Understanding the Role of Microstructure on Fe’s BCC → HCP → BCC Transformation using Molecular Dynamics and Virtual Texture

Fe phase transforms from BCC → HCP when compressed above a threshold pressure of ~13 GPa, then reverse transforms to BCC when unloaded. This follows Burgers pathway for selection of HCP variants during loading and BCC variants during unloading. One fingerprint of this BCC → HCP → BCC transformation is suggested to be the distribution of twins in unloaded microstructures. However, the factors that influence transformation twin formation are not well understood. Their stability can be related to the selection of HCP variants during compression and to the Schmid/non-Schmid effects (twinnability) for the BCC phase wherein loading orientation plays a role. Polycrystalline microstructures add the complexity of neighboring grain misorientations that can influence both factors. This study uses molecular dynamics simulations to understand the role of microstructure on the stability of transformation twins in Fe after unloading.
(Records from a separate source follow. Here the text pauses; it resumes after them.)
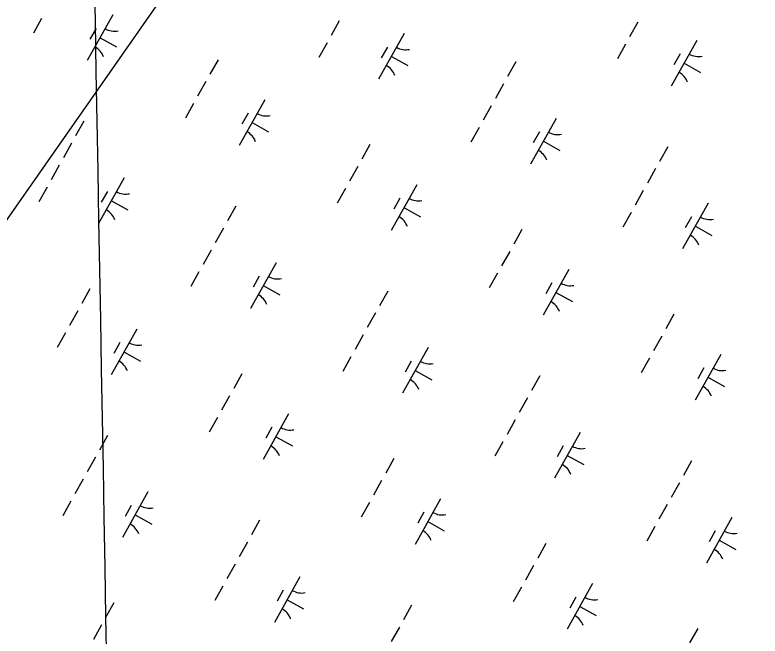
# Model space of a CAD drawing. Extents: x 3923531 to 3943530, y 207391 to 229799.
# Drawn here: x 3935592 to 3936304, y 216516 to 217110 of the extents above; entities that cross this region are included whole.
import ezdxf

# ---------------------------------------------------------------- set-up
doc = ezdxf.new("R2010")
doc.units = 0
for name, color, linetype in [('V-GRID-MAJR', 7, 'Continuous'), ('V-UTIL-LINE', 7, 'Continuous'), ('V-WETL-SWMP', 7, 'Continuous')]:
    doc.layers.add(name, color=color, linetype=linetype)

msp = doc.modelspace()

# ---------------------------------------------------------------- linework, layer by layer
at = {"layer": 'V-GRID-MAJR'}
msp.add_spline([(3935779.93, 210874.81), (3935760.83, 211942.59), (3935652.4, 218002.59), (3935543.98, 224062.57), (3935501.82, 226418.85)], degree=3, dxfattribs=at)
at = {"layer": 'V-UTIL-LINE'}
msp.add_lwpolyline([(3939084.62, 223621.72), (3938057.71, 221140.48), (3938136.4, 220832.47), (3937591.63, 219695.21), (3936312.73, 217957.68), (3935106.6, 216231.89), (3934055.84, 214955.86), (3930691.13, 211497.88), (3930457.99, 211185.48)], dxfattribs=at)
at = {"layer": 'V-WETL-SWMP'}
for p, q in [((3935617.07, 217106.57), (3935609.27, 217092.6)), ((3935685.16, 217110.11), (3935660.77, 217066.45)), ((3935901.61, 217104.48), (3935893.81, 217090.51)), ((3935669.16, 217097.28), (3935663.31, 217086.81)), ((3936186.81, 217103.23), (3936179.01, 217089.26)), ((3935963.57, 217092.29), (3935939.19, 217048.64)), ((3935672.97, 217088.28), (3935688.68, 217079.5)), ((3935889.91, 217083.53), (3935882.11, 217069.56)), ((3936243.19, 217085.82), (3936218.81, 217042.17)), ((3935947.57, 217079.47), (3935941.72, 217068.99)), ((3936175.11, 217082.28), (3936167.3, 217068.31)), ((3935951.38, 217070.47), (3935967.1, 217061.69)), ((3936227.19, 217072.99), (3936221.34, 217062.52)), ((3935785.7, 217067.35), (3935777.89, 217053.38)), ((3936070.24, 217065.26), (3936062.43, 217051.29)), ((3936231, 217063.99), (3936246.71, 217055.21)), ((3935773.99, 217046.4), (3935766.19, 217032.43)), ((3936058.53, 217044.31), (3936050.73, 217030.34)), ((3935830.37, 217028.98), (3935805.99, 216985.33)), ((3935762.29, 217025.44), (3935754.48, 217011.47)), ((3936046.83, 217023.36), (3936039.02, 217009.39)), ((3935814.37, 217016.16), (3935808.52, 217005.68)), ((3935657.42, 217008.43), (3935649.61, 216994.46)), ((3935818.18, 217007.16), (3935833.9, 216998.38)), ((3936108.79, 217011.17), (3936084.4, 216967.52)), ((3936035.12, 217002.41), (3936027.32, 216988.44)), ((3936092.79, 216998.35), (3936086.93, 216987.87)), ((3935645.71, 216987.47), (3935637.91, 216973.51)), ((3935930.91, 216986.22), (3935923.11, 216972.25)), ((3936096.6, 216989.34), (3936112.31, 216980.57)), ((3936215.45, 216984.14), (3936207.65, 216970.17)), ((3935634.01, 216966.52), (3935626.2, 216952.55)), ((3935919.2, 216965.27), (3935911.4, 216951.3)), ((3936203.75, 216963.19), (3936195.94, 216949.22)), ((3935695.97, 216954.33), (3935671.58, 216910.68)), ((3935975.59, 216947.86), (3935951.2, 216904.21)), ((3935622.3, 216945.57), (3935614.5, 216931.6)), ((3935679.97, 216941.51), (3935674.11, 216931.03)), ((3935907.5, 216944.32), (3935899.7, 216930.35)), ((3936192.04, 216942.23), (3936184.24, 216928.27)), ((3935959.59, 216935.03), (3935953.73, 216924.56)), ((3935683.78, 216932.51), (3935699.49, 216923.73)), ((3935802.63, 216927.3), (3935794.83, 216913.33)), ((3936254, 216930.05), (3936229.62, 216886.4)), ((3935963.39, 216926.03), (3935979.11, 216917.25)), ((3936180.34, 216921.28), (3936172.53, 216907.31)), ((3936238, 216917.22), (3936232.15, 216906.75)), ((3935790.93, 216906.35), (3935783.12, 216892.38)), ((3936076.12, 216905.1), (3936068.32, 216891.13)), ((3936241.81, 216908.22), (3936257.52, 216899.44)), ((3935779.22, 216885.4), (3935771.42, 216871.43)), ((3936064.42, 216884.15), (3936056.61, 216870.18)), ((3935841.18, 216873.21), (3935816.8, 216829.56)), ((3935767.52, 216864.45), (3935759.71, 216850.48)), ((3936052.71, 216863.19), (3936044.91, 216849.23)), ((3936120.8, 216866.73), (3936096.42, 216823.08)), ((3935825.18, 216860.39), (3935819.33, 216849.91)), ((3935663.3, 216848.26), (3935655.5, 216834.29)), ((3935828.99, 216851.38), (3935844.7, 216842.61)), ((3936104.8, 216853.91), (3936098.95, 216843.43)), ((3935947.85, 216846.18), (3935940.04, 216832.21)), ((3936108.61, 216844.91), (3936124.32, 216836.13)), ((3935651.6, 216827.31), (3935643.79, 216813.34)), ((3935936.14, 216825.23), (3935928.34, 216811.26)), ((3936221.34, 216823.97), (3936213.53, 216810.01)), ((3935639.89, 216806.36), (3935632.09, 216792.39)), ((3935707.98, 216809.9), (3935683.6, 216766.25)), ((3935924.44, 216804.27), (3935916.63, 216790.31)), ((3936209.63, 216803.02), (3936201.83, 216789.05)), ((3935691.98, 216797.07), (3935686.13, 216786.6)), ((3935986.4, 216792.09), (3935962.01, 216748.44)), ((3935695.79, 216788.07), (3935711.5, 216779.29)), ((3936266.01, 216785.61), (3936241.63, 216741.96)), ((3935912.73, 216783.32), (3935904.93, 216769.35)), ((3935970.39, 216779.26), (3935964.54, 216768.79)), ((3936197.93, 216782.07), (3936190.12, 216768.1)), ((3935974.2, 216770.26), (3935989.92, 216761.48)), ((3936250.01, 216772.78), (3936244.16, 216762.31)), ((3935808.52, 216767.14), (3935800.71, 216753.17)), ((3936093.06, 216765.05), (3936085.26, 216751.09)), ((3936253.82, 216763.78), (3936269.54, 216755)), ((3935796.81, 216746.19), (3935789.01, 216732.22)), ((3936081.35, 216744.1), (3936073.55, 216730.13)), ((3935853.19, 216728.77), (3935828.81, 216685.12)), ((3935785.11, 216725.23), (3935777.3, 216711.27)), ((3936069.65, 216723.15), (3936061.85, 216709.18)), ((3935837.19, 216715.95), (3935831.34, 216705.47)), ((3935680.24, 216708.22), (3935672.44, 216694.25)), ((3935841, 216706.95), (3935856.72, 216698.17)), ((3936131.61, 216710.96), (3936107.22, 216667.31)), ((3936057.94, 216702.2), (3936050.14, 216688.23)), ((3936115.61, 216698.14), (3936109.75, 216687.66)), ((3935668.53, 216687.27), (3935660.73, 216673.3)), ((3935953.73, 216686.01), (3935945.93, 216672.05)), ((3936119.42, 216689.14), (3936135.13, 216680.36)), ((3936238.27, 216683.93), (3936230.47, 216669.96)), ((3935656.83, 216666.31), (3935649.03, 216652.35)), ((3935942.03, 216665.06), (3935934.22, 216651.09)), ((3936226.57, 216662.98), (3936218.76, 216649.01)), ((3935718.79, 216654.13), (3935694.4, 216610.48)), ((3935645.12, 216645.36), (3935637.32, 216631.39)), ((3935930.32, 216644.11), (3935922.52, 216630.14)), ((3935998.41, 216647.65), (3935974.02, 216604)), ((3936214.86, 216642.03), (3936207.06, 216628.06)), ((3935702.79, 216641.3), (3935696.93, 216630.83)), ((3935982.41, 216634.82), (3935976.55, 216624.35)), ((3935706.6, 216632.3), (3935722.31, 216623.52)), ((3936276.82, 216629.84), (3936252.44, 216586.19)), ((3935825.45, 216627.09), (3935817.65, 216613.13)), ((3935986.22, 216625.82), (3936001.93, 216617.04)), ((3936203.16, 216621.07), (3936195.35, 216607.1)), ((3936260.82, 216617.01), (3936254.97, 216606.54)), ((3935813.75, 216606.14), (3935805.94, 216592.17)), ((3936264.63, 216608.01), (3936280.34, 216599.23)), ((3936098.94, 216604.89), (3936091.14, 216590.92)), ((3935802.04, 216585.19), (3935794.24, 216571.22)), ((3936087.24, 216583.94), (3936079.44, 216569.97)), ((3935864, 216573), (3935839.62, 216529.35)), ((3935790.34, 216564.24), (3935782.53, 216550.27)), ((3936143.62, 216566.52), (3936119.24, 216522.87)), ((3935848, 216560.18), (3935842.15, 216549.7)), ((3936075.53, 216562.99), (3936067.73, 216549.02)), ((3935851.81, 216551.18), (3935867.52, 216542.4)), ((3936127.62, 216553.7), (3936121.77, 216543.22)), ((3935686.12, 216548.05), (3935678.32, 216534.09)), ((3935970.67, 216545.97), (3935962.86, 216532)), ((3936131.43, 216544.7), (3936147.14, 216535.92)), ((3935674.42, 216527.1), (3935666.62, 216513.13)), ((3935958.96, 216525.02), (3935951.16, 216511.05)), ((3936244.16, 216523.77), (3936236.35, 216509.8))]:
    msp.add_line(p, q, dxfattribs=at)
for centre, start, end in [((3935686.65, 217112.28), 240.03808, 281.58174), ((3935659.7, 217064.05), 20.03808, 61.58174), ((3935965.06, 217094.47), 240.03808, 281.58174), ((3936244.68, 217087.99), 240.03808, 281.58174), ((3935938.12, 217046.24), 20.03808, 61.58174), ((3936217.74, 217039.76), 20.03808, 61.58174), ((3935831.86, 217031.15), 240.03808, 281.58174), ((3935804.92, 216982.93), 20.03808, 61.58174), ((3936110.27, 217013.34), 240.03808, 281.58174), ((3936083.33, 216965.12), 20.03808, 61.58174), ((3935697.45, 216956.51), 240.03808, 281.58174), ((3935977.07, 216950.03), 240.03808, 281.58174), ((3935670.51, 216908.28), 20.03808, 61.58174), ((3935950.13, 216901.8), 20.03808, 61.58174), ((3936255.49, 216932.22), 240.03808, 281.58174), ((3936228.54, 216883.99), 20.03808, 61.58174), ((3935842.67, 216875.38), 240.03808, 281.58174), ((3936122.29, 216868.91), 240.03808, 281.58174), ((3935815.73, 216827.16), 20.03808, 61.58174), ((3936095.34, 216820.68), 20.03808, 61.58174), ((3935709.47, 216812.07), 240.03808, 281.58174), ((3935682.52, 216763.84), 20.03808, 61.58174), ((3935987.88, 216794.26), 240.03808, 281.58174), ((3936267.5, 216787.78), 240.03808, 281.58174), ((3935960.94, 216746.03), 20.03808, 61.58174), ((3936240.56, 216739.55), 20.03808, 61.58174), ((3935854.68, 216730.95), 240.03808, 281.58174), ((3935827.74, 216682.72), 20.03808, 61.58174), ((3936133.09, 216713.13), 240.03808, 281.58174), ((3936106.15, 216664.91), 20.03808, 61.58174), ((3935720.28, 216656.3), 240.03808, 281.58174), ((3935999.89, 216649.82), 240.03808, 281.58174), ((3935693.33, 216608.07), 20.03808, 61.58174), ((3935972.95, 216601.59), 20.03808, 61.58174), ((3936278.31, 216632.01), 240.03808, 281.58174), ((3936251.37, 216583.78), 20.03808, 61.58174), ((3935865.49, 216575.17), 240.03808, 281.58174), ((3936145.11, 216568.7), 240.03808, 281.58174), ((3935838.55, 216526.95), 20.03808, 61.58174), ((3936118.17, 216520.47), 20.03808, 61.58174)]:
    msp.add_arc(centre, 17.62, start, end, dxfattribs=at)

doc.saveas('drawing.dxf')

Virtual texture analysis (VirTex) enables characterization of phase variants throughout the stages of transformation and elucidates mechanisms of transformation twinning. This talk will discuss the role of phase variant selection and twinnability using various single crystal orientations and modifications due to grain misorientations using bi-crystal systems. Finally, transformation twinning is investigated in a polycrystalline microstructure of Fe.